As the three aspects of physicality combine to be read in their simultaneity, the physical readings become fused with a mental picture that is driven into being as the image arrives in the brain. The nature of the paper and its age, the black chalk searching out the forms of the body, the slightly shaky mark, the traces of the hand and the shaping of a body, constrained in its curvature by the geometry of a cross, all impact on and impact with our existing awareness of the Grand Narrative of Christianity. The audience may or may not be aware of this religion, but it is clear that the maker of this image is trying to shape it towards a purpose. The moment of transformation can only occur in the observers mind however and therefore no outside observer will really know if it did occur.
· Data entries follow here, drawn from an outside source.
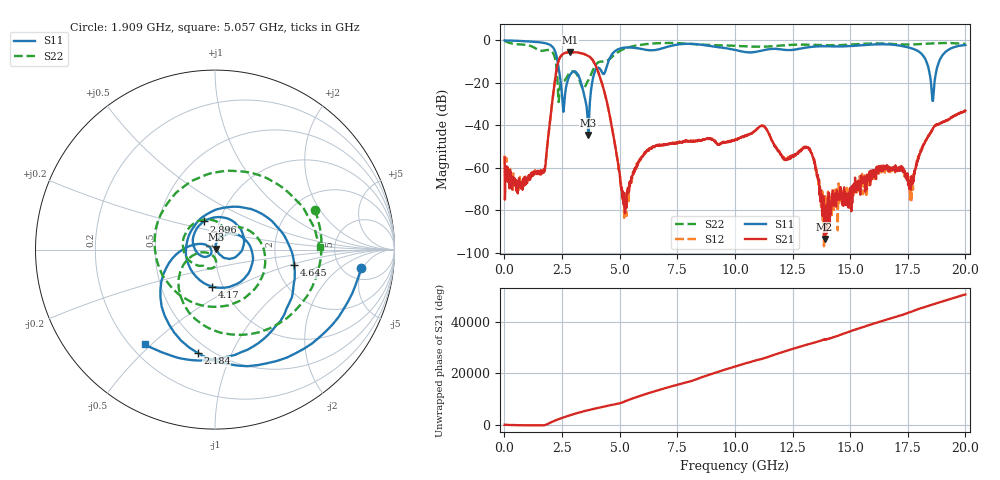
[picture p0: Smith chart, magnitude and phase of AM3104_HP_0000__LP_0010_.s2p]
!Created with skrf (http://scikit-rf.org).
# Hz S RI R 50.0
!freq ReS11 ImS11 ReS21 ImS21 ReS12 ImS12 ReS22 ImS22
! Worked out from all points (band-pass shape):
!   1601 points, 10 MHz to 20 GHz, reference 50 ohm
!   highest |S21| = -5.48 dB at 2.846 GHz (marker M1); lowest = -93.6 dB at 13.89 GHz (marker M2)
!   |S21| within 3 dB of the highest: 2.39 GHz to 3.772 GHz (1.382 GHz wide, 44.9 % of centre)
!   lowest |S11| = -44.5 dB at 3.646 GHz (marker M3), VSWR 1.01, Z = 50.5 + j0.35 ohm
!   |S11| at or under -10 dB: 2.31 GHz to 4.508 GHz (2.198 GHz wide, 64.5 % of centre); 18.31 GHz to 18.86 GHz (547.8 MHz wide, 2.95 % of centre)
!   |S22| runs from -29.0 to -0.2 dB; largest |S21 - S12| = 0.0034
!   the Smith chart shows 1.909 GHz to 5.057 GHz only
!   S11 on the Smith chart (normalised r, x): 1.909 GHz: 7.19, -4.56; 2.184 GHz: 0.43, -0.75; 2.896 GHz: 0.84, +0.27; 4.17 GHz: 0.89, -0.38; 4.645 GHz: 2.50, -0.55; 5.057 GHz: 0.26, -0.48
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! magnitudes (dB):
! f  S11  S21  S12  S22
! 10 MHz  0.0  -55.3  -54.2  -0.2
! 1.647 GHz  -1.1  -61.6  -62.1  -4.9
! 1.909 GHz  -1.7  -44.6  -44.9  -4.5
! 2.184 GHz  -4.7  -19.6  -19.6  -7.9
! 2.546 GHz  -33.0  -6.4  -6.4  -19.2
! 2.846 GHz  -16.3  -5.5  -5.5  -15.1
! 2.896 GHz  -15.5  -5.5  -5.5  -14.7
! 3.346 GHz  -20.7  -6.1  -6.1  -21.6
! 3.646 GHz  -44.5  -7.4  -7.4  -18.7
! 4.17 GHz  -13.7  -18.0  -18.0  -10.0
! 4.645 GHz  -6.9  -39.6  -39.6  -8.0
! 5.057 GHz  -3.6  -69.0  -67.0  -4.7
! 5.27 GHz  -3.3  -74.7  -79.9  -3.6
! 6.682 GHz  -4.2  -49.4  -49.6  -1.3
! 10.01 GHz  -4.4  -46.8  -47.0  -2.5
! 13.34 GHz  -3.0  -53.4  -53.2  -2.1
! 13.89 GHz  -2.7  -93.6  -78.9  -2.2
! 16.68 GHz  -1.8  -61.4  -59.6  -1.5
! 17.66 GHz  -3.7  -66.5  -67.8  -1.9
! 18.59 GHz  -28.5  -41.6  -41.5  -1.4
! 19.03 GHz  -6.7  -38.3  -38.5  -1.2
! 20 GHz  -2.2  -33.1  -33.2  -1.6

This final image from the same series of drawings, opens out one further issue in relation to this post. That is the importance of repetition, or trying to say the same thing over and over again until you get it right, or at least in a form that is communicable. By approaching this subject several times, we can ourselves begin to read Michelangelo’s intentions. Each image creates a variation on the form of a curved body set off against the geometrical hard shapes of the cross. The drawn bodies are made with arcs of gestures that are built up to form muscles and bodies, they vibrate between the solidity of modelling and the energy of mark-making. This is the language we are having to learn, and we can only learn it because Michelangelo has given us several examples of this language in use.
I would argue that as drawings they achieve something that all artists would aspire to, a form that fuses together a metaphysical concept with a physical reality. Reaching across the gap between one mind's construction of experience and another's is one of the hardest and yet most meaningful things to do, and only by imagination can we do this.